You've got the idea on the filter. Just go ahead and remove all the sponge and carbon junk from the filter, and let the algae do its thing for you.


----------



## Big Dogs Little Pigs (Nov 10, 2012)

thanks, brian! i'll pick up a few more pieces of live rock as i was going by the 1# per gallon figure. 

there is (at least for me!) a design flaw in the 29g oceanic in that i have to unscrew the bracket that holds the halide light in order to wiggle the filter out to be cleaned/changed. it's a major pain in the buttooski so not having to deal with that will make my life soooo much easier!


----------



## Reefing Madness (Jun 26, 2011)

Very nice!! Glad that will help out.


----------



## MetalArm3 (Jun 22, 2011)

I use filter floss over the refugium chamber just as you described. Except, I tore out the floss and carbon( just kept black backing) so I can cut my own filter floss (cheaper).

I think it's nice to have to collect solid debri. As for the HQI fixture, I have led strips laying on glass top so that's not a problem I face. You should suggest modifications yo oceanic. That great thing about this hobby is the manufactures listen to its customers.
_Posted via Mobile Device_


----------



## Big Dogs Little Pigs (Nov 10, 2012)

that's exactly what i did with my 14g since, with the position of the skimmer, there is no room for the stock carbon filter. also, i've been putting filter floss over the top of the filter in the 29g to catch debris so i'll just do that after i take the other floss/charcoal out. 

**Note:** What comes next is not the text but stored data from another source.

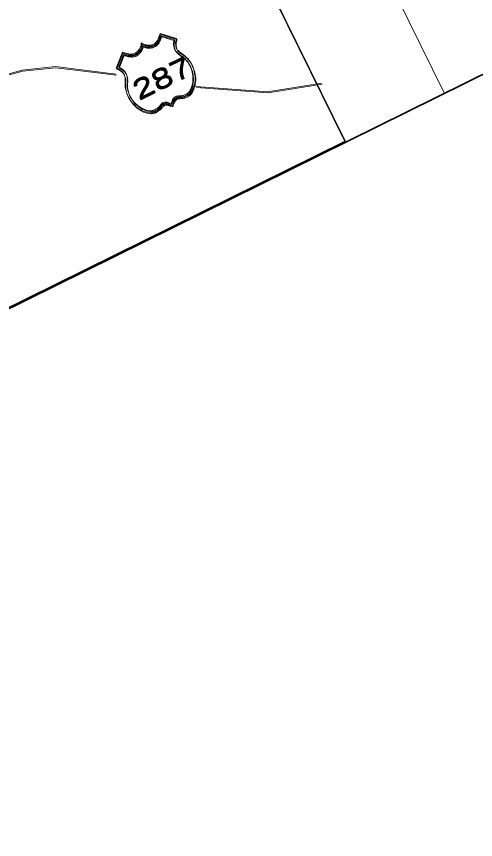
# Model space of a CAD drawing. Extents: x 2356606 to 2371222, y 6973096 to 6982644.
# Drawn here: x 2357523 to 2357641.7, y 6973406.8 to 6973619.6 of the extents above; entities that cross this region are included whole.
import ezdxf

# ---------------------------------------------------------------- set-up
doc = ezdxf.new("R2010")
doc.units = 0
doc.header["$LTSCALE"] = 2
doc.layers.add('62', color=7, linetype='Continuous', lineweight=13)
doc.layers.add('63', color=7, linetype='Continuous', lineweight=13)

msp = doc.modelspace()

# ---------------------------------------------------------------- linework, layer by layer
at = {"layer": '62'}
for p, q in [((2357278.212, 6974319.925), (2357633.685, 6973599.663)), ((2357533.197, 6973606.326), (2357548.847, 6973604.414)), ((2357602.042, 6973602.084), (2357588.059, 6973599.854)), ((2357588.059, 6973599.854), (2357569.519, 6973601.167))]:
    msp.add_line(p, q, dxfattribs=at)
at = {"layer": '62', "lineweight": 25}
msp.add_lwpolyline([(2356999.05, 6973805.301), (2357204.965, 6973388.075), (2357608.13, 6973587.05), (2357402.214, 6974004.278)], dxfattribs=at)
at = {"layer": '62'}
for points in [[(2357533.197, 6973606.326), (2357524.62, 6973605.458), (2357515.167, 6973602.848), (2357498.075, 6973598.379), (2357486.108, 6973599.448), (2357477.959, 6973600.342), (2357467.348, 6973601.705), (2357455.307, 6973606.229), (2357445.287, 6973612.652), (2357434.9, 6973620.272), (2357421.318, 6973628.676), (2357410.865, 6973633.077), (2357401.996, 6973638.183), (2357391.636, 6973644.988), (2357385.904, 6973647.606), (2357373.931, 6973655.899)], [(2357548.927, 6973605.934), (2357550.526, 6973610.06), (2357550.769, 6973609.979), (2357551.018, 6973609.876), (2357551.269, 6973609.825), (2357551.491, 6973609.732), (2357551.744, 6973609.684), (2357551.965, 6973609.64), (2357552.185, 6973609.6), (2357552.426, 6973609.567), (2357552.608, 6973609.556), (2357552.829, 6973609.565), (2357553.03, 6973609.563), (2357553.233, 6973609.613), (2357553.415, 6973609.653), (2357553.573, 6973609.684), (2357553.777, 6973609.781), (2357553.958, 6973609.871), (2357554.06, 6973609.972), (2357554.179, 6973610.082), (2357554.331, 6973610.182), (2357554.462, 6973610.322), (2357554.596, 6973610.463), (2357554.696, 6973610.613), (2357554.829, 6973610.753), (2357554.95, 6973610.912), (2357555.032, 6973611.103), (2357555.133, 6973611.304), (2357555.215, 6973611.495), (2357555.305, 6973611.664), (2357555.337, 6973611.858), (2357555.388, 6973612.057), (2357555.36, 6973612.269), (2357555.39, 6973612.46), (2357555.56, 6973612.37), (2357555.752, 6973612.238), (2357555.951, 6973612.136), (2357556.134, 6973612.073), (2357556.345, 6973612.002), (2357556.565, 6973611.96), (2357556.755, 6973611.93), (2357556.967, 6973611.908), (2357557.176, 6973611.887), (2357557.369, 6973611.857), (2357557.591, 6973611.914), (2357557.774, 6973611.905), (2357558.015, 6973611.973), (2357558.176, 6973612.004), (2357558.397, 6973612.061), (2357558.57, 6973612.122), (2357558.709, 6973612.192), (2357558.88, 6973612.302), (2357558.973, 6973612.422), (2357559.133, 6973612.55), (2357559.265, 6973612.693), (2357559.367, 6973612.844), (2357559.47, 6973612.992), (2357559.6, 6973613.184), (2357559.682, 6973613.375), (2357559.793, 6973613.553), (2357559.864, 6973613.766), (2357559.986, 6973613.976), (2357560.06, 6973614.187), (2357560.139, 6973614.429), (2357560.201, 6973614.66), (2357560.293, 6973614.881), (2357564.545, 6973613.641), (2357564.421, 6973613.228), (2357564.298, 6973612.817), (2357564.284, 6973612.384), (2357564.323, 6973611.952), (2357564.352, 6973611.538), (2357564.438, 6973611.205), (2357564.569, 6973610.944), (2357564.658, 6973610.762), (2357564.78, 6973610.62), (2357564.93, 6973610.47), (2357565.069, 6973610.336), (2357565.249, 6973610.175), (2357565.449, 6973610.024), (2357565.651, 6973609.872), (2357565.882, 6973609.71), (2357566.112, 6973609.548), (2357566.352, 6973609.364), (2357566.583, 6973609.203), (2357566.814, 6973608.989), (2357567.024, 6973608.816), (2357567.214, 6973608.635), (2357567.404, 6973608.454), (2357567.584, 6973608.241), (2357567.733, 6973608.04), (2357568.043, 6973607.564), (2357568.355, 6973607.09), (2357568.582, 6973606.626), (2357568.76, 6973606.112), (2357568.959, 6973605.609), (2357569.099, 6973605.123), (2357569.195, 6973604.62), (2357569.272, 6973604.107), (2357569.341, 6973603.615), (2357569.348, 6973603.09)], [(2357568.618, 6973601.877), (2357568.7, 6973602.167), (2357568.723, 6973602.531), (2357568.744, 6973602.892), (2357568.755, 6973603.274), (2357568.738, 6973603.666), (2357568.71, 6973604.08), (2357568.663, 6973604.482), (2357568.572, 6973604.916), (2357568.476, 6973605.369), (2357568.326, 6973605.772), (2357568.176, 6973606.225), (2357567.97, 6973606.651), (2357567.73, 6973607.083), (2357567.499, 6973607.447), (2357567.281, 6973607.79), (2357567.031, 6973608.043), (2357566.789, 6973608.325), (2357566.529, 6973608.55), (2357566.299, 6973608.762), (2357566.048, 6973608.964), (2357565.787, 6973609.135), (2357565.527, 6973609.309), (2357565.305, 6973609.451), (2357565.096, 6973609.623), (2357564.886, 6973609.795), (2357564.665, 6973609.986), (2357564.506, 6973610.159), (2357564.335, 6973610.352), (2357564.174, 6973610.574), (2357564.015, 6973610.846), (2357563.926, 6973611.179), (2357563.838, 6973611.512), (2357563.77, 6973611.854), (2357563.731, 6973612.235), (2357563.762, 6973612.578), (2357563.835, 6973612.941), (2357563.907, 6973613.302), (2357560.542, 6973614.327), (2357560.472, 6973614.116), (2357560.419, 6973613.912), (2357560.358, 6973613.683), (2357560.276, 6973613.491), (2357560.186, 6973613.272), (2357560.072, 6973613.091), (2357559.963, 6973612.911), (2357559.849, 6973612.729), (2357559.718, 6973612.539), (2357559.606, 6973612.359), (2357559.453, 6973612.208), (2357559.313, 6973612.089), (2357559.181, 6973611.946), (2357559.05, 6973611.859), (2357558.92, 6973611.769), (2357558.788, 6973611.677), (2357558.637, 6973611.629), (2357558.464, 6973611.569), (2357558.285, 6973611.48), (2357558.121, 6973611.45), (2357557.89, 6973611.412), (2357557.729, 6973611.382), (2357557.537, 6973611.363), (2357557.317, 6973611.352), (2357557.135, 6973611.365), (2357556.914, 6973611.356), (2357556.745, 6973611.396), (2357556.542, 6973611.449), (2357556.331, 6973611.47), (2357556.141, 6973611.553), (2357555.95, 6973611.632), (2357555.75, 6973611.735), (2357555.697, 6973611.534), (2357555.657, 6973611.314), (2357555.585, 6973611.152), (2357555.523, 6973610.971), (2357555.423, 6973610.821), (2357555.37, 6973610.67), (2357555.259, 6973610.488), (2357555.178, 6973610.349), (2357555.067, 6973610.217), (2357554.946, 6973610.057), (2357554.844, 6973609.956), (2357554.703, 6973609.839), (2357554.582, 6973609.728), (2357554.47, 6973609.597), (2357554.308, 6973609.518), (2357554.188, 6973609.409), (2357554.055, 6973609.317), (2357553.854, 6973609.219), (2357553.643, 6973609.19), (2357553.43, 6973609.111), (2357553.229, 6973609.112), (2357552.997, 6973609.071), (2357552.758, 6973609.054), (2357552.564, 6973609.085), (2357552.314, 6973609.086), (2357552.073, 6973609.118), (2357551.861, 6973609.139), (2357551.638, 6973609.231), (2357551.4, 6973609.261), (2357551.176, 6973609.352)], [(2357550.817, 6973609.476), (2357549.561, 6973606.222), (2357549.963, 6973606.017), (2357550.323, 6973605.793), (2357550.614, 6973605.562), (2357550.894, 6973605.35), (2357551.103, 6973605.076), (2357551.293, 6973604.844), (2357551.433, 6973604.612), (2357551.555, 6973604.32), (2357551.624, 6973604.026), (2357551.701, 6973603.765), (2357551.741, 6973603.482), (2357551.738, 6973603.179), (2357551.758, 6973602.89), (2357551.756, 6973602.588), (2357551.726, 6973602.296), (2357551.702, 6973601.984), (2357551.698, 6973601.331), (2357551.797, 6973600.675), (2357551.923, 6973600.061), (2357552.161, 6973599.426), (2357552.43, 6973598.831), (2357552.748, 6973598.236), (2357553.148, 6973597.679), (2357553.549, 6973597.174), (2357554.009, 6973596.699), (2357554.53, 6973596.253), (2357555.063, 6973595.888), (2357555.605, 6973595.553), (2357556.175, 6973595.31), (2357556.758, 6973595.096), (2357557.341, 6973594.98), (2357557.904, 6973594.908), (2357558.024, 6973594.918), (2357558.177, 6973594.915), (2357558.327, 6973594.967), (2357558.488, 6973595.047), (2357558.619, 6973595.086), (2357558.782, 6973595.165), (2357558.944, 6973595.245), (2357559.105, 6973595.325), (2357559.277, 6973595.434), (2357559.418, 6973595.505), (2357559.578, 6973595.633), (2357559.73, 6973595.735), (2357559.853, 6973595.843), (2357559.994, 6973595.964), (2357560.106, 6973596.095), (2357560.216, 6973596.175), (2357560.298, 6973596.315), (2357560.407, 6973596.447), (2357560.481, 6973596.554), (2357560.59, 6973596.686), (2357560.712, 6973596.796), (2357560.824, 6973596.876), (2357560.945, 6973596.984), (2357561.086, 6973597.056), (2357561.247, 6973597.085), (2357561.45, 6973597.135), (2357561.63, 6973597.174), (2357561.849, 6973597.131), (2357562.113, 6973597.111), (2357562.414, 6973597.009), (2357562.755, 6973596.926), (2357563.098, 6973596.793), (2357563.229, 6973597.186), (2357563.362, 6973597.527), (2357563.504, 6973597.796), (2357563.658, 6973598.049), (2357563.789, 6973598.239), (2357563.95, 6973598.369), (2357564.092, 6973598.489), (2357564.294, 6973598.589), (2357564.436, 6973598.659), (2357564.596, 6973598.688), (2357564.797, 6973598.737), (2357564.988, 6973598.756), (2357565.171, 6973598.747), (2357565.36, 6973598.766), (2357565.573, 6973598.792), (2357565.795, 6973598.801), (2357566.006, 6973598.831), (2357566.215, 6973598.86), (2357566.408, 6973598.929), (2357566.611, 6973599.03), (2357566.804, 6973599.099), (2357566.995, 6973599.218), (2357567.175, 6973599.309), (2357567.356, 6973599.448), (2357567.54, 6973599.588), (2357567.691, 6973599.738), (2357567.844, 6973599.938), (2357567.985, 6973600.109), (2357568.106, 6973600.32), (2357568.249, 6973600.54), (2357568.331, 6973600.782), (2357568.422, 6973601.053), (2357568.514, 6973601.273), (2357568.566, 6973601.575), (2357568.618, 6973601.877)], [(2357551.176, 6973609.352), (2357550.997, 6973609.413), (2357550.817, 6973609.476)], [(2357549.859, 6973605.515), (2357549.447, 6973605.738), (2357548.927, 6973605.934)], [(2357569.348, 6973603.09), (2357569.315, 6973602.598), (2357569.222, 6973602.125), (2357569.17, 6973601.621), (2357568.984, 6973601.13), (2357568.843, 6973600.657), (2357568.62, 6973600.196), (2357568.487, 6973599.955), (2357568.367, 6973599.746), (2357568.212, 6973599.545), (2357568.051, 6973599.365), (2357567.911, 6973599.193), (2357567.717, 6973599.074), (2357567.516, 6973598.922), (2357567.355, 6973598.795), (2357567.131, 6973598.685), (2357566.928, 6973598.584), (2357566.739, 6973598.517), (2357566.568, 6973598.457), (2357566.337, 6973598.419), (2357566.154, 6973598.377), (2357565.973, 6973598.337), (2357565.771, 6973598.34), (2357565.582, 6973598.321), (2357565.389, 6973598.3), (2357565.239, 6973598.303), (2357565.048, 6973598.282), (2357564.916, 6973598.243), (2357564.734, 6973598.204), (2357564.555, 6973598.166), (2357564.422, 6973598.073), (2357564.28, 6973597.953), (2357564.128, 6973597.805), (2357564.017, 6973597.624), (2357563.885, 6973597.434), (2357563.753, 6973597.192), (2357563.641, 6973596.912), (2357563.538, 6973596.56), (2357563.425, 6973596.179), (2357563.062, 6973596.3), (2357562.764, 6973596.403), (2357562.481, 6973596.515), (2357562.21, 6973596.557), (2357562.01, 6973596.606), (2357561.809, 6973596.608), (2357561.636, 6973596.6), (2357561.477, 6973596.57), (2357561.345, 6973596.531), (2357561.203, 6973596.46), (2357561.083, 6973596.401), (2357560.963, 6973596.293), (2357560.882, 6973596.203), (2357560.749, 6973596.111), (2357560.649, 6973595.961), (2357560.546, 6973595.862), (2357560.456, 6973595.742), (2357560.335, 6973595.63), (2357560.203, 6973595.492), (2357560.04, 6973595.36), (2357559.898, 6973595.241), (2357559.727, 6973595.131), (2357559.567, 6973594.999), (2357559.427, 6973594.881), (2357559.224, 6973594.782), (2357559.041, 6973594.692), (2357558.858, 6973594.6), (2357558.618, 6973594.531), (2357558.415, 6973594.482), (2357558.184, 6973594.444), (2357557.943, 6973594.425), (2357557.691, 6973594.427), (2357557.077, 6973594.5), (2357556.443, 6973594.664), (2357555.82, 6973594.859), (2357555.248, 6973595.154), (2357554.678, 6973595.497), (2357554.156, 6973595.894), (2357553.687, 6973596.339), (2357553.215, 6973596.835), (2357552.785, 6973597.348), (2357552.415, 6973597.895), (2357552.077, 6973598.481), (2357551.786, 6973599.066), (2357551.557, 6973599.682), (2357551.383, 6973600.294), (2357551.264, 6973600.94), (2357551.216, 6973601.543), (2357551.197, 6973601.786), (2357551.188, 6973602.057), (2357551.211, 6973602.319), (2357551.212, 6973602.619), (2357551.216, 6973602.922), (2357551.215, 6973603.222), (2357551.197, 6973603.517), (2357551.128, 6973603.807), (2357551.049, 6973604.119), (2357550.901, 6973604.424), (2357550.731, 6973604.715), (2357550.5, 6973604.979), (2357550.211, 6973605.262), (2357549.859, 6973605.515)]]:
    msp.add_lwpolyline(points, dxfattribs=at)
at = {"layer": '63', "lineweight": 35}
msp.add_line((2357204.965, 6973388.075), (2357788.759, 6973676.197), dxfattribs=at)
at = {"layer": '63'}
for p, q in [((2357533.067, 6973606.589), (2357548.717, 6973604.677)), ((2357587.929, 6973600.117), (2357569.389, 6973601.43)), ((2357601.912, 6973602.347), (2357587.929, 6973600.117))]:
    msp.add_line(p, q, dxfattribs=at)
at = {"layer": '63', "lineweight": 25}
msp.add_lwpolyline([(2356998.92, 6973805.564), (2357204.835, 6973388.338), (2357608, 6973587.313), (2357402.084, 6974004.541)], dxfattribs=at)
at = {"layer": '63'}
for points in [[(2357533.067, 6973606.589), (2357524.49, 6973605.721), (2357515.037, 6973603.111), (2357497.945, 6973598.642), (2357485.978, 6973599.711), (2357477.829, 6973600.605), (2357467.218, 6973601.968), (2357455.177, 6973606.492), (2357445.157, 6973612.915), (2357434.77, 6973620.535), (2357421.188, 6973628.939), (2357410.735, 6973633.34), (2357401.866, 6973638.446), (2357391.506, 6973645.251), (2357385.774, 6973647.869), (2357373.801, 6973656.162)], [(2357548.797, 6973606.197), (2357550.396, 6973610.323), (2357550.639, 6973610.242), (2357550.888, 6973610.139), (2357551.139, 6973610.088), (2357551.361, 6973609.995), (2357551.614, 6973609.947), (2357551.835, 6973609.903), (2357552.055, 6973609.863), (2357552.296, 6973609.83), (2357552.478, 6973609.819), (2357552.699, 6973609.828), (2357552.9, 6973609.826), (2357553.103, 6973609.876), (2357553.285, 6973609.916), (2357553.443, 6973609.947), (2357553.647, 6973610.044), (2357553.828, 6973610.134), (2357553.93, 6973610.235), (2357554.049, 6973610.345), (2357554.201, 6973610.445), (2357554.332, 6973610.585), (2357554.466, 6973610.726), (2357554.566, 6973610.876), (2357554.699, 6973611.016), (2357554.82, 6973611.175), (2357554.902, 6973611.366), (2357555.003, 6973611.567), (2357555.085, 6973611.758), (2357555.175, 6973611.927), (2357555.207, 6973612.121), (2357555.258, 6973612.32), (2357555.23, 6973612.532), (2357555.26, 6973612.723), (2357555.43, 6973612.633), (2357555.622, 6973612.501), (2357555.821, 6973612.399), (2357556.004, 6973612.336), (2357556.215, 6973612.265), (2357556.435, 6973612.223), (2357556.625, 6973612.193), (2357556.837, 6973612.171), (2357557.046, 6973612.15), (2357557.239, 6973612.12), (2357557.461, 6973612.177), (2357557.644, 6973612.168), (2357557.885, 6973612.236), (2357558.046, 6973612.267), (2357558.267, 6973612.324), (2357558.44, 6973612.385), (2357558.579, 6973612.455), (2357558.75, 6973612.565), (2357558.843, 6973612.685), (2357559.003, 6973612.813), (2357559.135, 6973612.956), (2357559.237, 6973613.107), (2357559.34, 6973613.255), (2357559.47, 6973613.447), (2357559.552, 6973613.638), (2357559.663, 6973613.816), (2357559.734, 6973614.029), (2357559.856, 6973614.239), (2357559.93, 6973614.45), (2357560.009, 6973614.692), (2357560.071, 6973614.923), (2357560.163, 6973615.144), (2357564.415, 6973613.904), (2357564.291, 6973613.491), (2357564.168, 6973613.08), (2357564.154, 6973612.647), (2357564.193, 6973612.215), (2357564.222, 6973611.801), (2357564.308, 6973611.468), (2357564.439, 6973611.207), (2357564.528, 6973611.025), (2357564.65, 6973610.883), (2357564.8, 6973610.733), (2357564.939, 6973610.599), (2357565.119, 6973610.438), (2357565.319, 6973610.287), (2357565.521, 6973610.135), (2357565.752, 6973609.973), (2357565.982, 6973609.811), (2357566.222, 6973609.627), (2357566.453, 6973609.466), (2357566.684, 6973609.252), (2357566.894, 6973609.079), (2357567.084, 6973608.898), (2357567.274, 6973608.717), (2357567.454, 6973608.504), (2357567.603, 6973608.303), (2357567.913, 6973607.827), (2357568.225, 6973607.353), (2357568.452, 6973606.889), (2357568.63, 6973606.375), (2357568.829, 6973605.872), (2357568.969, 6973605.386), (2357569.065, 6973604.883), (2357569.142, 6973604.37), (2357569.211, 6973603.878), (2357569.218, 6973603.353)], [(2357568.488, 6973602.14), (2357568.57, 6973602.43), (2357568.593, 6973602.794), (2357568.614, 6973603.155), (2357568.625, 6973603.537), (2357568.608, 6973603.929), (2357568.58, 6973604.343), (2357568.533, 6973604.745), (2357568.442, 6973605.179), (2357568.346, 6973605.632), (2357568.196, 6973606.035), (2357568.046, 6973606.488), (2357567.84, 6973606.914), (2357567.6, 6973607.346), (2357567.369, 6973607.71), (2357567.151, 6973608.053), (2357566.901, 6973608.306), (2357566.659, 6973608.588), (2357566.399, 6973608.813), (2357566.169, 6973609.025), (2357565.918, 6973609.227), (2357565.657, 6973609.398), (2357565.397, 6973609.572), (2357565.175, 6973609.714), (2357564.966, 6973609.886), (2357564.756, 6973610.058), (2357564.535, 6973610.249), (2357564.376, 6973610.422), (2357564.205, 6973610.615), (2357564.044, 6973610.837), (2357563.885, 6973611.109), (2357563.796, 6973611.442), (2357563.708, 6973611.775), (2357563.64, 6973612.117), (2357563.601, 6973612.498), (2357563.632, 6973612.841), (2357563.705, 6973613.204), (2357563.777, 6973613.565), (2357560.412, 6973614.59), (2357560.342, 6973614.379), (2357560.289, 6973614.175), (2357560.228, 6973613.946), (2357560.146, 6973613.754), (2357560.056, 6973613.535), (2357559.942, 6973613.354), (2357559.833, 6973613.174), (2357559.719, 6973612.992), (2357559.588, 6973612.802), (2357559.476, 6973612.622), (2357559.323, 6973612.471), (2357559.183, 6973612.352), (2357559.051, 6973612.209), (2357558.92, 6973612.122), (2357558.79, 6973612.032), (2357558.658, 6973611.94), (2357558.507, 6973611.892), (2357558.334, 6973611.832), (2357558.155, 6973611.743), (2357557.991, 6973611.713), (2357557.76, 6973611.675), (2357557.599, 6973611.645), (2357557.407, 6973611.626), (2357557.187, 6973611.615), (2357557.005, 6973611.628), (2357556.784, 6973611.619), (2357556.615, 6973611.659), (2357556.412, 6973611.712), (2357556.201, 6973611.733), (2357556.011, 6973611.816), (2357555.82, 6973611.895), (2357555.62, 6973611.998), (2357555.567, 6973611.797), (2357555.527, 6973611.577), (2357555.455, 6973611.415), (2357555.393, 6973611.234), (2357555.293, 6973611.084), (2357555.24, 6973610.933), (2357555.129, 6973610.751), (2357555.048, 6973610.612), (2357554.937, 6973610.48), (2357554.816, 6973610.32), (2357554.714, 6973610.219), (2357554.573, 6973610.102), (2357554.452, 6973609.991), (2357554.34, 6973609.86), (2357554.178, 6973609.781), (2357554.058, 6973609.672), (2357553.925, 6973609.58), (2357553.724, 6973609.482), (2357553.513, 6973609.453), (2357553.3, 6973609.374), (2357553.099, 6973609.375), (2357552.867, 6973609.334), (2357552.628, 6973609.317), (2357552.434, 6973609.348), (2357552.184, 6973609.349), (2357551.943, 6973609.381), (2357551.731, 6973609.402), (2357551.508, 6973609.494), (2357551.27, 6973609.524), (2357551.046, 6973609.615)], [(2357550.687, 6973609.739), (2357549.431, 6973606.485), (2357549.833, 6973606.28), (2357550.193, 6973606.056), (2357550.484, 6973605.825), (2357550.764, 6973605.613), (2357550.973, 6973605.339), (2357551.163, 6973605.107), (2357551.303, 6973604.875), (2357551.425, 6973604.583), (2357551.494, 6973604.289), (2357551.571, 6973604.028), (2357551.611, 6973603.745), (2357551.608, 6973603.442), (2357551.628, 6973603.153), (2357551.626, 6973602.851), (2357551.596, 6973602.559), (2357551.572, 6973602.247), (2357551.568, 6973601.594), (2357551.667, 6973600.938), (2357551.793, 6973600.324), (2357552.031, 6973599.689), (2357552.3, 6973599.094), (2357552.618, 6973598.499), (2357553.018, 6973597.942), (2357553.419, 6973597.437), (2357553.879, 6973596.962), (2357554.4, 6973596.516), (2357554.933, 6973596.151), (2357555.475, 6973595.816), (2357556.045, 6973595.573), (2357556.628, 6973595.359), (2357557.211, 6973595.243), (2357557.774, 6973595.171), (2357557.894, 6973595.181), (2357558.047, 6973595.178), (2357558.197, 6973595.23), (2357558.358, 6973595.31), (2357558.489, 6973595.349), (2357558.652, 6973595.428), (2357558.814, 6973595.508), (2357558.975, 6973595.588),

i did contact oceanic about this but all i got was an e-mail back that they hadn't had anybody else express this as being an issue. hmm...


----------



## MetalArm3 (Jun 22, 2011)

Interesting. What skimmer are you running, stock?
_Posted via Mobile Device_


----------



## Big Dogs Little Pigs (Nov 10, 2012)

yup, just the little one that came with the tank. same with the 29g. actually, they are identical.


----------



## MetalArm3 (Jun 22, 2011)

If your looking to ever upgrade your skimmer, I highly recommend the Hydor Slim Skim Nano. Most people don't know this, but with a small modification it fits in chamber 1. All you have to do is remove the small inner trim going around the inside top on the 1st chamber. I have other pics but it will only let me post one on mobile.

MetalArm3


----------



## beaslbob (Oct 17, 2012)

IMHO you never need a carbon filter.

But that's just my .02


----------